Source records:
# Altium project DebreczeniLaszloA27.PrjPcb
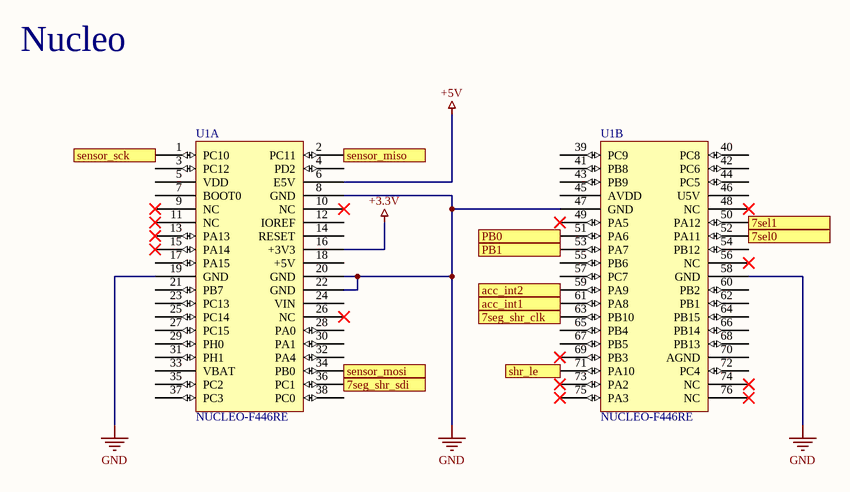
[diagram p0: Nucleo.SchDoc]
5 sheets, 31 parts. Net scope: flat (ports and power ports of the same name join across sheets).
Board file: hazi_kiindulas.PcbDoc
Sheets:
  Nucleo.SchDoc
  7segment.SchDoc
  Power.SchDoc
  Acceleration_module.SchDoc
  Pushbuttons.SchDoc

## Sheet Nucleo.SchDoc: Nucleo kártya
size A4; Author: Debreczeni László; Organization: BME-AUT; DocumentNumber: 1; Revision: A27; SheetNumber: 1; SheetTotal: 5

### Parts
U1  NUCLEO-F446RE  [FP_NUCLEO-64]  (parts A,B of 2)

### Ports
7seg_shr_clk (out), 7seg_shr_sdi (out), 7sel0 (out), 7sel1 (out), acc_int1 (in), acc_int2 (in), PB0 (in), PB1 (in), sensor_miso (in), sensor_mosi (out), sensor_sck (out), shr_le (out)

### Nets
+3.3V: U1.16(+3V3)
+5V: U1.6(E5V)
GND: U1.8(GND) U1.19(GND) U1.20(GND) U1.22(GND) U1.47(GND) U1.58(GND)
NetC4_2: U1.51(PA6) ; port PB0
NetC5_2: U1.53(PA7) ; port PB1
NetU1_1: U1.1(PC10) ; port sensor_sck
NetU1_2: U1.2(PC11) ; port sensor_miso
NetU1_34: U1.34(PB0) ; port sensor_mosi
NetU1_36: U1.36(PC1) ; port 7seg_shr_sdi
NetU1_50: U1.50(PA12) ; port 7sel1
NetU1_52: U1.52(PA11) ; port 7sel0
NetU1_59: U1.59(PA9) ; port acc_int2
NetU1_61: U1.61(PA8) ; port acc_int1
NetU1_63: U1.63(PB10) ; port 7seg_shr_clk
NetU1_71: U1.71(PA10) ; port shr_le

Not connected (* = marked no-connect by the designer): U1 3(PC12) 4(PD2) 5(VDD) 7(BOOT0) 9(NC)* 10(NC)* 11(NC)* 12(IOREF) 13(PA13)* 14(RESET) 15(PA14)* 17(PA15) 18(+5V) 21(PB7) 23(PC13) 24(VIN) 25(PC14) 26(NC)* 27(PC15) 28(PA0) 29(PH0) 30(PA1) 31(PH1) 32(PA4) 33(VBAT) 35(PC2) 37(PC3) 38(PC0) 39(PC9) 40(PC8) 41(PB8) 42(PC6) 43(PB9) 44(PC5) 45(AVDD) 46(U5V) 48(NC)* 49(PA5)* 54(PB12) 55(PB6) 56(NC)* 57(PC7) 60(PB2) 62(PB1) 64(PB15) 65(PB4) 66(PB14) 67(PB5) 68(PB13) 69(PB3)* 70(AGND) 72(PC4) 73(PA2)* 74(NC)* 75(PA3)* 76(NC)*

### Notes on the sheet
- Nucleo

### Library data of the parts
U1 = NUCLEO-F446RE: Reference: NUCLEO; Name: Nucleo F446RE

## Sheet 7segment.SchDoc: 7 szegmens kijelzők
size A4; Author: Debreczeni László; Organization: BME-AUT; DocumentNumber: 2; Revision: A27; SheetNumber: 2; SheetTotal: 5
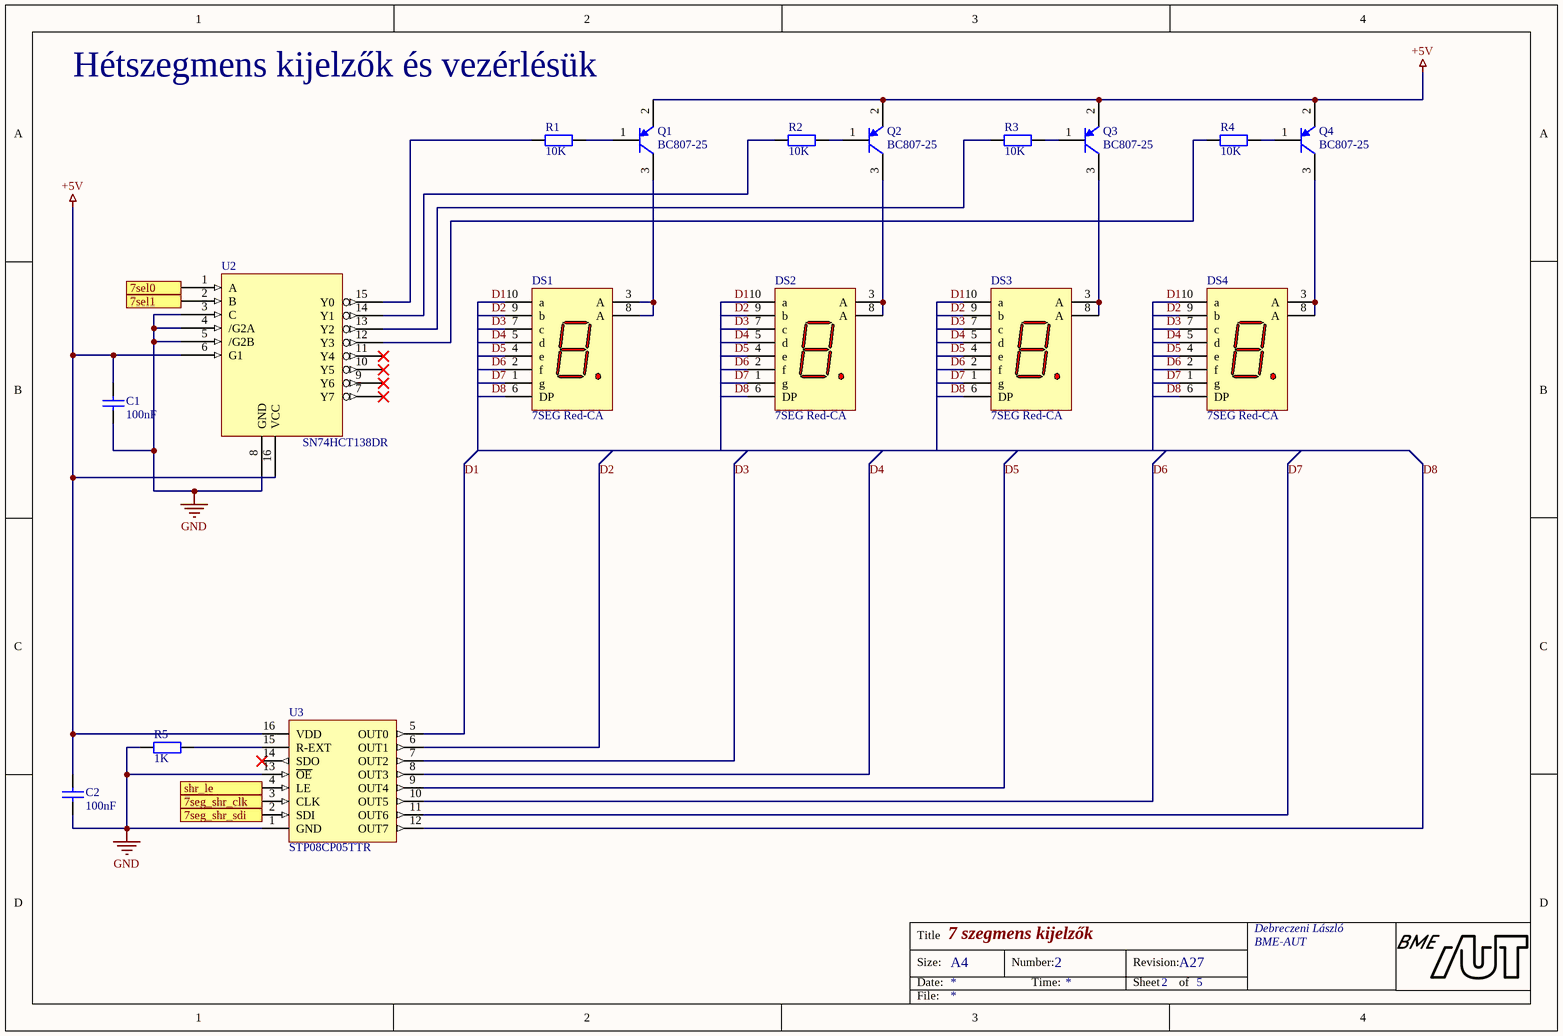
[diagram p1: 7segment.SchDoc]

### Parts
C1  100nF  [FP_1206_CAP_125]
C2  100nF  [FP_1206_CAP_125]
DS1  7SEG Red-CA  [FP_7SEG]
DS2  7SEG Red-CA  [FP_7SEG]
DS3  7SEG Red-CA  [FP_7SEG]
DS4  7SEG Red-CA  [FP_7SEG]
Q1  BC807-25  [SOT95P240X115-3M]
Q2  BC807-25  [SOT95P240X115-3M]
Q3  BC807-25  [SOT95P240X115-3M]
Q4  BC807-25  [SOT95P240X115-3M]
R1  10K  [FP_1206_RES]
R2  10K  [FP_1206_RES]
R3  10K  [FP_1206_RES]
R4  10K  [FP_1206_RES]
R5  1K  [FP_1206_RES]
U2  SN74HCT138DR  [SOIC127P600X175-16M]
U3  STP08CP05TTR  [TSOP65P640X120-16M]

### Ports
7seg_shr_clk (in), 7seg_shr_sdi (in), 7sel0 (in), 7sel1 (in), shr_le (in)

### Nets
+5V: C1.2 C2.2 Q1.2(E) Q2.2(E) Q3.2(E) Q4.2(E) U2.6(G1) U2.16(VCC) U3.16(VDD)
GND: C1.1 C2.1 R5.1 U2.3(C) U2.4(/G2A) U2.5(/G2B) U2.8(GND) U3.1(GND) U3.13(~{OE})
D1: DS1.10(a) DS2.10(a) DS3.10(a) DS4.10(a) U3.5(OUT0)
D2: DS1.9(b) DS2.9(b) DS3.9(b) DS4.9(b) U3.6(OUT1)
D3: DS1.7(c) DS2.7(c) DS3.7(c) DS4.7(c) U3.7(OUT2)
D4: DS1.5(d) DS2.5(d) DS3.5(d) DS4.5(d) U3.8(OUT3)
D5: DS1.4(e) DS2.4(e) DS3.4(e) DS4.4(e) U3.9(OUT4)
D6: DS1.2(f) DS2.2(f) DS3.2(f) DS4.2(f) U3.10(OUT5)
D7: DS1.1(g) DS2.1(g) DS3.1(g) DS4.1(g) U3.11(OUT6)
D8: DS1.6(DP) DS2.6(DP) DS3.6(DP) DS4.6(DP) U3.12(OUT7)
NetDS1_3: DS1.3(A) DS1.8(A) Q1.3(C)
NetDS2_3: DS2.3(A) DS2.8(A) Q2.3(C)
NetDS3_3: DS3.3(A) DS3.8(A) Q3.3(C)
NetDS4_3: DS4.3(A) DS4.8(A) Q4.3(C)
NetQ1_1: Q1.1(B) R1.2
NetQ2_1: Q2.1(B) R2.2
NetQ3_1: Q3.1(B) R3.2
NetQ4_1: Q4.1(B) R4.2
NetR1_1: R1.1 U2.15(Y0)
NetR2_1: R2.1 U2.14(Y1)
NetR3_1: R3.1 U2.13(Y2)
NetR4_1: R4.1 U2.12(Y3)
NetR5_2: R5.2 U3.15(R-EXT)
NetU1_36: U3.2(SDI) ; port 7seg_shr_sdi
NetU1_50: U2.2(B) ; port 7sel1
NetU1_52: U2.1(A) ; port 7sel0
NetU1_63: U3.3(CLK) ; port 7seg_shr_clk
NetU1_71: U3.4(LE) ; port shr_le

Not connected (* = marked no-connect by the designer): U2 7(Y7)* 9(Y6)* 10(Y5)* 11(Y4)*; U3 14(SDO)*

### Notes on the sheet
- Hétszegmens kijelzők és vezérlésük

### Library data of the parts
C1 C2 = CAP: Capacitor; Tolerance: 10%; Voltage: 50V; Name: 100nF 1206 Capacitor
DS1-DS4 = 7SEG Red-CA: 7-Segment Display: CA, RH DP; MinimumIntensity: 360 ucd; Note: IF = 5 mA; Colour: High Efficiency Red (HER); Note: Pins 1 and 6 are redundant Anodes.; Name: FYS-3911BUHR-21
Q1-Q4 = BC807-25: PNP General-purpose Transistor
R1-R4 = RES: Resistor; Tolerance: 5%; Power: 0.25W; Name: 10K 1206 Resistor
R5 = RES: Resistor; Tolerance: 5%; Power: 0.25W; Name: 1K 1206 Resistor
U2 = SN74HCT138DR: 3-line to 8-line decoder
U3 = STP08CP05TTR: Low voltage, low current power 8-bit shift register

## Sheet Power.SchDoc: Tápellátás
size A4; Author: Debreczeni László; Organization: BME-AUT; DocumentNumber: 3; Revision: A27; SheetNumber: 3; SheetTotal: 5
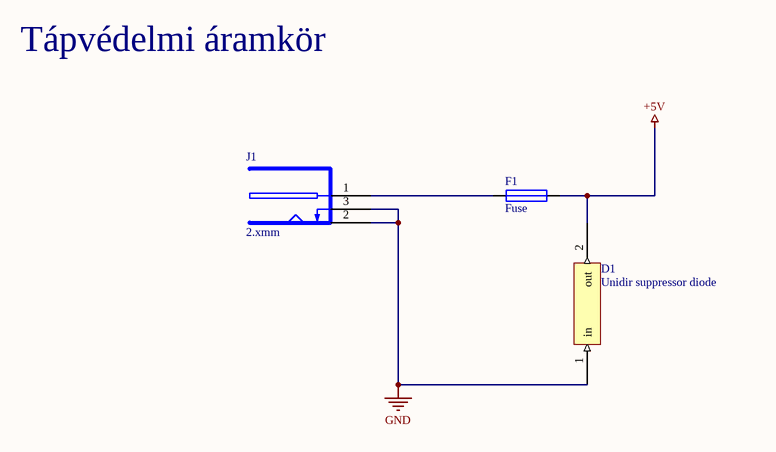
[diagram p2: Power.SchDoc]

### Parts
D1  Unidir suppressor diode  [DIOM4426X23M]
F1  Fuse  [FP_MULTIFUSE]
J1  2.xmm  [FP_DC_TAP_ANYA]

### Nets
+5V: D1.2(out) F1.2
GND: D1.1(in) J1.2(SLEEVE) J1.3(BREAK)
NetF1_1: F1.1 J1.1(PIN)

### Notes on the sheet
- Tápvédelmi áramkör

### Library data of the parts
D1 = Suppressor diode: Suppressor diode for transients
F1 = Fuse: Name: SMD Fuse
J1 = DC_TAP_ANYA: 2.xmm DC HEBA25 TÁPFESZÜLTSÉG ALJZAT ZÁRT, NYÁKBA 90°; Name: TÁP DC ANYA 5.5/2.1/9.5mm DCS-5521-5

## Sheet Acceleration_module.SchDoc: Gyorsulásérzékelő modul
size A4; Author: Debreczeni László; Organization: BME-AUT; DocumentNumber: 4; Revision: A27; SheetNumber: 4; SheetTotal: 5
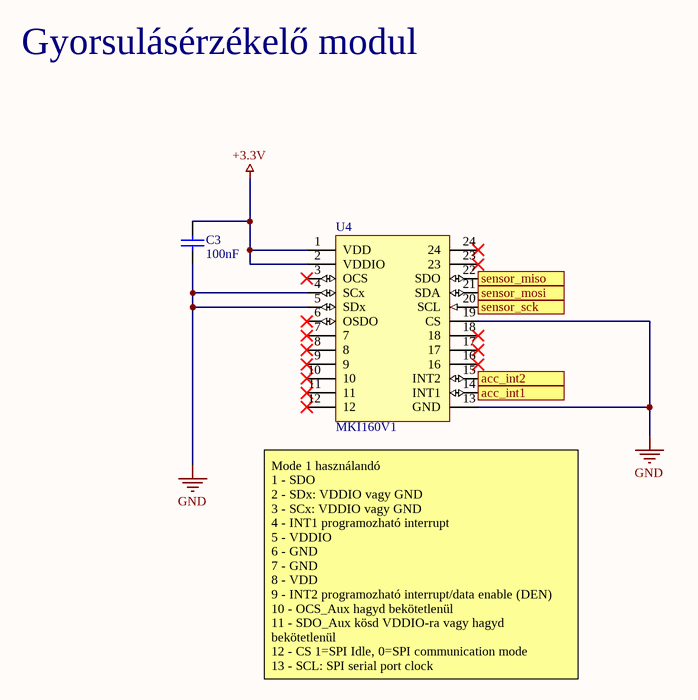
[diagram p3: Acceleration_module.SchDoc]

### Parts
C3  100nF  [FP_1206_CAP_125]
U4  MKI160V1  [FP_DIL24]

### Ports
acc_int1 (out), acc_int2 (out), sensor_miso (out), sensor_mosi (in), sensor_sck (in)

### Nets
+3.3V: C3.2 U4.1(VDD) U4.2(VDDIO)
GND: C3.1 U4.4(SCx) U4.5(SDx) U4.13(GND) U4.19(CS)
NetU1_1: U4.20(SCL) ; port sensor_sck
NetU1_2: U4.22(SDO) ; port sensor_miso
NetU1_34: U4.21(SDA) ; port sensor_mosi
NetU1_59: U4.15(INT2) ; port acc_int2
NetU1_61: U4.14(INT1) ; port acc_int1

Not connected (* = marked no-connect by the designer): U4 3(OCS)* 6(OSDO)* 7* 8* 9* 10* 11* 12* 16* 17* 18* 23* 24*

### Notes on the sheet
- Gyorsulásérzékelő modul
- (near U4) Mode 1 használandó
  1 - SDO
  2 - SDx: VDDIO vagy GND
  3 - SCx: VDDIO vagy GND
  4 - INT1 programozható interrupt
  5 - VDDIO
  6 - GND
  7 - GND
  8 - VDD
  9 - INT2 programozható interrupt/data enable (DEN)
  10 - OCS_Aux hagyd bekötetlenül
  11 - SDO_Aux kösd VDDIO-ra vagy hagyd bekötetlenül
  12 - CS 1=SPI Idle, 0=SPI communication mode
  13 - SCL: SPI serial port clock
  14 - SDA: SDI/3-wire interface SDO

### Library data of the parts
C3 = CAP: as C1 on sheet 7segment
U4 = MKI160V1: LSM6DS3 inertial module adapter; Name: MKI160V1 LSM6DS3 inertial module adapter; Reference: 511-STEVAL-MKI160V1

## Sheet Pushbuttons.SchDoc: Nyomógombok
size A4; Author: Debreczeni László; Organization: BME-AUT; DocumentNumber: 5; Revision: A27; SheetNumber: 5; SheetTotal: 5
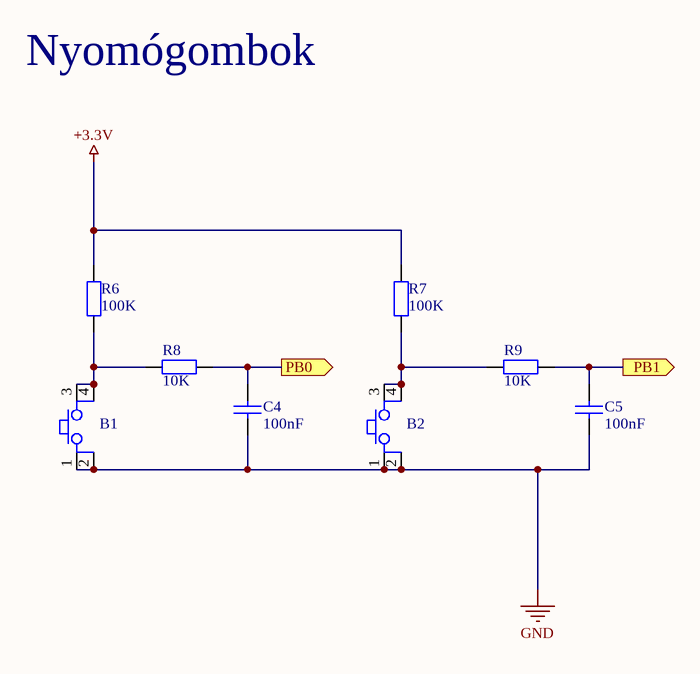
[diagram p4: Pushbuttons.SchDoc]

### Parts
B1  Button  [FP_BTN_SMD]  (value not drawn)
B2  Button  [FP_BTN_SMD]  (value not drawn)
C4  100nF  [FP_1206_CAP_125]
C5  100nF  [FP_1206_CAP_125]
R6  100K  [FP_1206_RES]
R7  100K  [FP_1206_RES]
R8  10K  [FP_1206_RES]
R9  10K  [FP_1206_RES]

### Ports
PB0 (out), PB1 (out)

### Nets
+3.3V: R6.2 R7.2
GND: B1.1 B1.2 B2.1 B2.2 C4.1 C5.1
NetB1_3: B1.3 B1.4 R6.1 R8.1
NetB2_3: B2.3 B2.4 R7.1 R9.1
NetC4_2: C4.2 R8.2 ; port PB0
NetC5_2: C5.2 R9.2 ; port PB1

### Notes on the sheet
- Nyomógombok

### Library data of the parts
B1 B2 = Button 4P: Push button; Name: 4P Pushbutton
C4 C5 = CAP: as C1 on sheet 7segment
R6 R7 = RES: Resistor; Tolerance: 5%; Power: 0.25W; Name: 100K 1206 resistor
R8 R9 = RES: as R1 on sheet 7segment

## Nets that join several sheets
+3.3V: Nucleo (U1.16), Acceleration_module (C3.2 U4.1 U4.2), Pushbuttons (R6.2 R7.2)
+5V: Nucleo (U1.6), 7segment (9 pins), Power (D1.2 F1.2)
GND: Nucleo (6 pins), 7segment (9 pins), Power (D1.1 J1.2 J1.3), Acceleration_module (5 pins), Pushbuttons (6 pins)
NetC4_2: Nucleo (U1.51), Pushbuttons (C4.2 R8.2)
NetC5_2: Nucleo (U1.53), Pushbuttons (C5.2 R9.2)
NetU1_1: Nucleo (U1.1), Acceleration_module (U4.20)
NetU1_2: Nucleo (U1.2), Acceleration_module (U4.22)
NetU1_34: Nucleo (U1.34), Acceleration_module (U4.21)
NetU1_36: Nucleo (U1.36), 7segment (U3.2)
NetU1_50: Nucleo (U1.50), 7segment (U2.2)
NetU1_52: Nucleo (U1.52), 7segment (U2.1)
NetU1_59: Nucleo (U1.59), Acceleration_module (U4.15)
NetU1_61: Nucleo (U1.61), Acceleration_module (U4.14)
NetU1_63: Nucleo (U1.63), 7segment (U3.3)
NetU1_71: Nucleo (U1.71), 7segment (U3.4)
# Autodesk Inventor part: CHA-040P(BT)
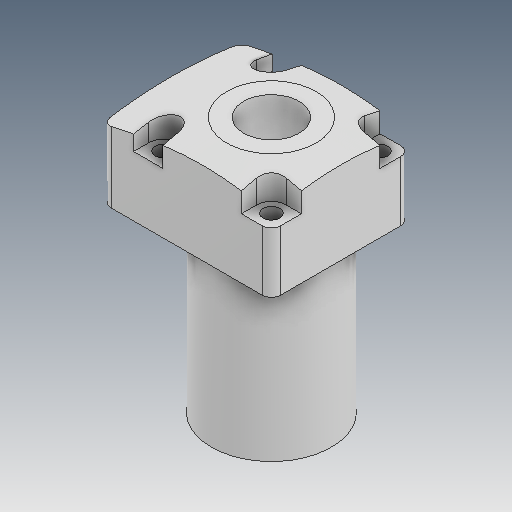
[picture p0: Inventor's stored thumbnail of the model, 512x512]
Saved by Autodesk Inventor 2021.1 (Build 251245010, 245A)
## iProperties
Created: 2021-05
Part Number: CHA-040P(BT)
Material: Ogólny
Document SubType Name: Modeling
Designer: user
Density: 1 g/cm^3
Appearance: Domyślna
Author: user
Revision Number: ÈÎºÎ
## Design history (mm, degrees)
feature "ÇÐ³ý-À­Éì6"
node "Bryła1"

What you are asked to do
Using the records above, copy word for word the line with "NetU1_36: U1.36(PC1) ; port 7seg_shr_sdi", the line with "NetU1_71: U1.71(PA10) ; port shr_le", and every line between them.

Result for this task
NetU1_36: U1.36(PC1) ; port 7seg_shr_sdi
NetU1_50: U1.50(PA12) ; port 7sel1
NetU1_52: U1.52(PA11) ; port 7sel0
NetU1_59: U1.59(PA9) ; port acc_int2
NetU1_61: U1.61(PA8) ; port acc_int1
NetU1_63: U1.63(PB10) ; port 7seg_shr_clk
NetU1_71: U1.71(PA10) ; port shr_le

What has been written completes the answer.